((

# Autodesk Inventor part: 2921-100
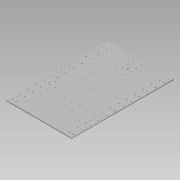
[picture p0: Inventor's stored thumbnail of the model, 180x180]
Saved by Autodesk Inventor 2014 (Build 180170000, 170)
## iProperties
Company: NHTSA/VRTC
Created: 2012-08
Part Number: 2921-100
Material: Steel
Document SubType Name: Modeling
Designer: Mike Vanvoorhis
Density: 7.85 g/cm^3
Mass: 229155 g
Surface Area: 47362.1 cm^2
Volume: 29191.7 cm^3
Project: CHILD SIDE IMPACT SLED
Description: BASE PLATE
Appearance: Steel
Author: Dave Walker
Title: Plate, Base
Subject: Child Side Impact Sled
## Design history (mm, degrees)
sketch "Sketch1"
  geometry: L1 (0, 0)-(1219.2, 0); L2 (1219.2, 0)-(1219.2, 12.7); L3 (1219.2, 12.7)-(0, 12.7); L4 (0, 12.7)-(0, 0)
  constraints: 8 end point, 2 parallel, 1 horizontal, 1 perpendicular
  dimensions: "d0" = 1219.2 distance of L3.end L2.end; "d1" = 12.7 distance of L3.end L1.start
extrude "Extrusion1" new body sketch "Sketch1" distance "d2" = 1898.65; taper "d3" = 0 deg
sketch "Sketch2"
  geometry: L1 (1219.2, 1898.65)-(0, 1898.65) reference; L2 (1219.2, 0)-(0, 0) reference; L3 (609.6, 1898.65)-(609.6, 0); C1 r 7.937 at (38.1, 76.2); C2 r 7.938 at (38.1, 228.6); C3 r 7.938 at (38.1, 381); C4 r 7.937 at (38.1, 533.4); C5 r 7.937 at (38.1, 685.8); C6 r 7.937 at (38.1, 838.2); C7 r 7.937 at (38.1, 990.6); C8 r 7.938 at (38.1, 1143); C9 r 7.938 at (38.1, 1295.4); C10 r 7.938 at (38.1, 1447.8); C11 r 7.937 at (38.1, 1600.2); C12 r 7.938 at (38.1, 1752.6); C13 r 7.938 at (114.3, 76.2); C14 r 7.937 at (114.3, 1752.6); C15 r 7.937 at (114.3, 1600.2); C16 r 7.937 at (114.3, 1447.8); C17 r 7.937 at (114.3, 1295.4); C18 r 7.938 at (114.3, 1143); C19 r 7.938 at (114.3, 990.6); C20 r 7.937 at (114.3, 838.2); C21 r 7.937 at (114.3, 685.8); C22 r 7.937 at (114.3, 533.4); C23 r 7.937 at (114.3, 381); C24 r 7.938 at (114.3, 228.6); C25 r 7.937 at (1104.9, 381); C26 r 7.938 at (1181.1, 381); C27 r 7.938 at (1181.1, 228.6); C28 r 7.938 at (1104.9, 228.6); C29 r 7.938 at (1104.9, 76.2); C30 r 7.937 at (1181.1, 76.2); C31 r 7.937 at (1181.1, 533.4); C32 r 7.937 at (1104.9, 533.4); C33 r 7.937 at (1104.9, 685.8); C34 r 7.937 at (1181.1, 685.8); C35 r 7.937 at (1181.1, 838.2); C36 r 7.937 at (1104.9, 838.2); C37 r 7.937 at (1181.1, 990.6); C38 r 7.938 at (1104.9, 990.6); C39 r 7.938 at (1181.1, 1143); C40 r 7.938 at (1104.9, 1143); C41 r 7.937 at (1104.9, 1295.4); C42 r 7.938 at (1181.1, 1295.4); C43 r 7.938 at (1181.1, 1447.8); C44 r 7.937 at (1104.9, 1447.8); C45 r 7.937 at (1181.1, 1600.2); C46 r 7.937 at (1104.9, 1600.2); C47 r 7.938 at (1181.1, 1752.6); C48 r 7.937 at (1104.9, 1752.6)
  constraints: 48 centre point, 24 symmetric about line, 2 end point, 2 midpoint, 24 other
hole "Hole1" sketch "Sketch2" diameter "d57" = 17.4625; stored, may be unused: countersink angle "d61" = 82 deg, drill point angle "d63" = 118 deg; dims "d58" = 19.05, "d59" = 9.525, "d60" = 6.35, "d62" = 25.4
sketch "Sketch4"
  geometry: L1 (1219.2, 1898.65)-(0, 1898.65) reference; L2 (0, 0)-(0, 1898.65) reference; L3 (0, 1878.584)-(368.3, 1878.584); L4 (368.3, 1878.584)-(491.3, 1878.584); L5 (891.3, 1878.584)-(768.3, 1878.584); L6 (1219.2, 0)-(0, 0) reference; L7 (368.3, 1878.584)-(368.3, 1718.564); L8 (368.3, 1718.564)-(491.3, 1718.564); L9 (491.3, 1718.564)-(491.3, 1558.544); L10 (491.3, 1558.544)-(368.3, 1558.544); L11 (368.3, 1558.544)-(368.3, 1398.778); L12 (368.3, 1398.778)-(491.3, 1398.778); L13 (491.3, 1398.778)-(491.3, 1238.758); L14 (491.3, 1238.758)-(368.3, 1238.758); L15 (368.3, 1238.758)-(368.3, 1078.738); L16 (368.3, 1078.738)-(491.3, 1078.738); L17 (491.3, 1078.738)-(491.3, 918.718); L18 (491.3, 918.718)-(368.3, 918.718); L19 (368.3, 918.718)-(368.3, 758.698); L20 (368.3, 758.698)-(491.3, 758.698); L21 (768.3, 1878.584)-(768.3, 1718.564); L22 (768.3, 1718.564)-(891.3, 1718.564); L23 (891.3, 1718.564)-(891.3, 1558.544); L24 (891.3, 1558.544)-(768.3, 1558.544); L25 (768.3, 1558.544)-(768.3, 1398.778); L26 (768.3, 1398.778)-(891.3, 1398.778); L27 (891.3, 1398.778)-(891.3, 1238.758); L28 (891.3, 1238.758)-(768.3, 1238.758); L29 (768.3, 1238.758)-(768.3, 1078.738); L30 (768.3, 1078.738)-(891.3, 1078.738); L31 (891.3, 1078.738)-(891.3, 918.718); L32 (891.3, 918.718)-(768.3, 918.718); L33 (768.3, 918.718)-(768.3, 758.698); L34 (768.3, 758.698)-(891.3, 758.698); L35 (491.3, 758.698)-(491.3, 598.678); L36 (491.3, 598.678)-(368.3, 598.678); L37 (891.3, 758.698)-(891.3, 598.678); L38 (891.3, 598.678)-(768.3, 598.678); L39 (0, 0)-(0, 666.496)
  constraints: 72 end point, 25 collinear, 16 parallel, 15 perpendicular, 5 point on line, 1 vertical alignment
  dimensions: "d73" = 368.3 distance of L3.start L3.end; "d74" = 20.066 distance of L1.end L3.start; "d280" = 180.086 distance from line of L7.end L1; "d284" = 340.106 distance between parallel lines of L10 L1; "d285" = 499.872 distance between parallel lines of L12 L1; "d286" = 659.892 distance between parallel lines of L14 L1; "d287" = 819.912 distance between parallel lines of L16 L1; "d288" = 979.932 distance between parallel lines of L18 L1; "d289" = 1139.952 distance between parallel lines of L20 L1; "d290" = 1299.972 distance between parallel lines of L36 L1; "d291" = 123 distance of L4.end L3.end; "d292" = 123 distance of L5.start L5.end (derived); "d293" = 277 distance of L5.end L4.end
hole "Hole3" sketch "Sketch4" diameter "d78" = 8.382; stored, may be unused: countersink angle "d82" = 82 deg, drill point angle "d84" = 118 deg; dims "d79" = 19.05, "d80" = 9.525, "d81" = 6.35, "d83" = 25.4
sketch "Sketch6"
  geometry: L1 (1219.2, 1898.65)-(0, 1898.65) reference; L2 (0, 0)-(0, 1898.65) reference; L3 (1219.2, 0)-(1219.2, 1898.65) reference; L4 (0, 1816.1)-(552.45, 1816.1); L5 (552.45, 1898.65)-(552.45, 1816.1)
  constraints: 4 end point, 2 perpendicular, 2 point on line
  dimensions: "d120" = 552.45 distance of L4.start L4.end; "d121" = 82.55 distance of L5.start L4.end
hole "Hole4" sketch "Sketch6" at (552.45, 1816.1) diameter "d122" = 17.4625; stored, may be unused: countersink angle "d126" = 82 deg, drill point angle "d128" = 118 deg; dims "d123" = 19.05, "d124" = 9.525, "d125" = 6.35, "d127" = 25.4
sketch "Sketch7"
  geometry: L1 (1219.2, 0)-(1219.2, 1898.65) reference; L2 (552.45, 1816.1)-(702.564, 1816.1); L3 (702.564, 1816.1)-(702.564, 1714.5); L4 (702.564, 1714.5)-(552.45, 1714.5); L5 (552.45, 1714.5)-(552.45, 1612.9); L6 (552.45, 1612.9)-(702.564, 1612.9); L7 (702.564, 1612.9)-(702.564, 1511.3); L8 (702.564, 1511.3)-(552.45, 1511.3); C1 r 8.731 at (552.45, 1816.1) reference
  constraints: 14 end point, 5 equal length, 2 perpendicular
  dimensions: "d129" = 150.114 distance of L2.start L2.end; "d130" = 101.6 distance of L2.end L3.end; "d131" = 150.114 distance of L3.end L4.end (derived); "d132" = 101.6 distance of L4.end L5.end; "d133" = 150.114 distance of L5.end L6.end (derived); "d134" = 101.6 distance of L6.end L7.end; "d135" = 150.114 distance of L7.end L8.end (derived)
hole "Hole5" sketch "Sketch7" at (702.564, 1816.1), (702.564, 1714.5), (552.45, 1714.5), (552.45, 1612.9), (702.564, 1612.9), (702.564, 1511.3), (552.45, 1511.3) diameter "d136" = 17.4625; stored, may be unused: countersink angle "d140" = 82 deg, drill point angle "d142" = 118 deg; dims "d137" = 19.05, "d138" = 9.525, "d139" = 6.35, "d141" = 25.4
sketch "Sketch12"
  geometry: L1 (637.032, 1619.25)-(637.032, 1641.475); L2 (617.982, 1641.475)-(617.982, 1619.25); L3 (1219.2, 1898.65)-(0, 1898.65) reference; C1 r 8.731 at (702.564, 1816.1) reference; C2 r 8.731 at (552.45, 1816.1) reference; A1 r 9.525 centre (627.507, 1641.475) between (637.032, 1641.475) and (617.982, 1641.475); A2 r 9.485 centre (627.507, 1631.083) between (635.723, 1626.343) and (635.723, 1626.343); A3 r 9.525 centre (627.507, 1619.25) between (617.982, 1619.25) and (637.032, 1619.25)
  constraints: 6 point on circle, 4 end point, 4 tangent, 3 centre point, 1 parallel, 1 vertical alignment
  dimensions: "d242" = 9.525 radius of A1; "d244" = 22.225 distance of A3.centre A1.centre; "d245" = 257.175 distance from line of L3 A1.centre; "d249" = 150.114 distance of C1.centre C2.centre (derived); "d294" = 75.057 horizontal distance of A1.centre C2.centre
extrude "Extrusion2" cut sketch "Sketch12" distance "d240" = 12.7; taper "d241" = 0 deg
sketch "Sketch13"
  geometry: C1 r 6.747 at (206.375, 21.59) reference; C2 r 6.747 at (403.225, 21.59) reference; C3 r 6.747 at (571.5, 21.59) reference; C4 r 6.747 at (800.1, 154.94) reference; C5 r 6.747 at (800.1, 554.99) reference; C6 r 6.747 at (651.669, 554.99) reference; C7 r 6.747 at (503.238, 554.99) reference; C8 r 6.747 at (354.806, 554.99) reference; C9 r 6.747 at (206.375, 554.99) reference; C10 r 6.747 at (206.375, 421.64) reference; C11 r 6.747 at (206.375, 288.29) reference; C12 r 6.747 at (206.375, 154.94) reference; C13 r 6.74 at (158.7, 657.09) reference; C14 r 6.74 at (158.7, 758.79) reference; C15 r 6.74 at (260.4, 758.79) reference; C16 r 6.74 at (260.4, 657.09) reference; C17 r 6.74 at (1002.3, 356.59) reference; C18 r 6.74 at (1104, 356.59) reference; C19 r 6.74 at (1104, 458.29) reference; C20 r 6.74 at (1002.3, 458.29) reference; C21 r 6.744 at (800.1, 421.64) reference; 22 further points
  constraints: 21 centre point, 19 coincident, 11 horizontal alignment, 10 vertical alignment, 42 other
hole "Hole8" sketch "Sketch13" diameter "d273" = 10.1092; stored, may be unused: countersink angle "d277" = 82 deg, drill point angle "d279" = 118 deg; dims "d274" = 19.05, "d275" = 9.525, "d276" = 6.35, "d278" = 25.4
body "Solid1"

))

▶ **Aim of the task**: The response should be the listing above, limited to the lines between the one holding "geometry: L1 (637.032, 1619.25)-(637.032, 1641.475);" and the one holding "constraints: 6 point", inclusive, reproduced exactly.

▶ **Response area**:
  geometry: L1 (637.032, 1619.25)-(637.032, 1641.475); L2 (617.982, 1641.475)-(617.982, 1619.25); L3 (1219.2, 1898.65)-(0, 1898.65) reference; C1 r 8.731 at (702.564, 1816.1) reference; C2 r 8.731 at (552.45, 1816.1) reference; A1 r 9.525 centre (627.507, 1641.475) between (637.032, 1641.475) and (617.982, 1641.475); A2 r 9.485 centre (627.507, 1631.083) between (635.723, 1626.343) and (635.723, 1626.343); A3 r 9.525 centre (627.507, 1619.25) between (617.982, 1619.25) and (637.032, 1619.25)
  constraints: 6 point on circle, 4 end point, 4 tangent, 3 centre point, 1 parallel, 1 vertical alignment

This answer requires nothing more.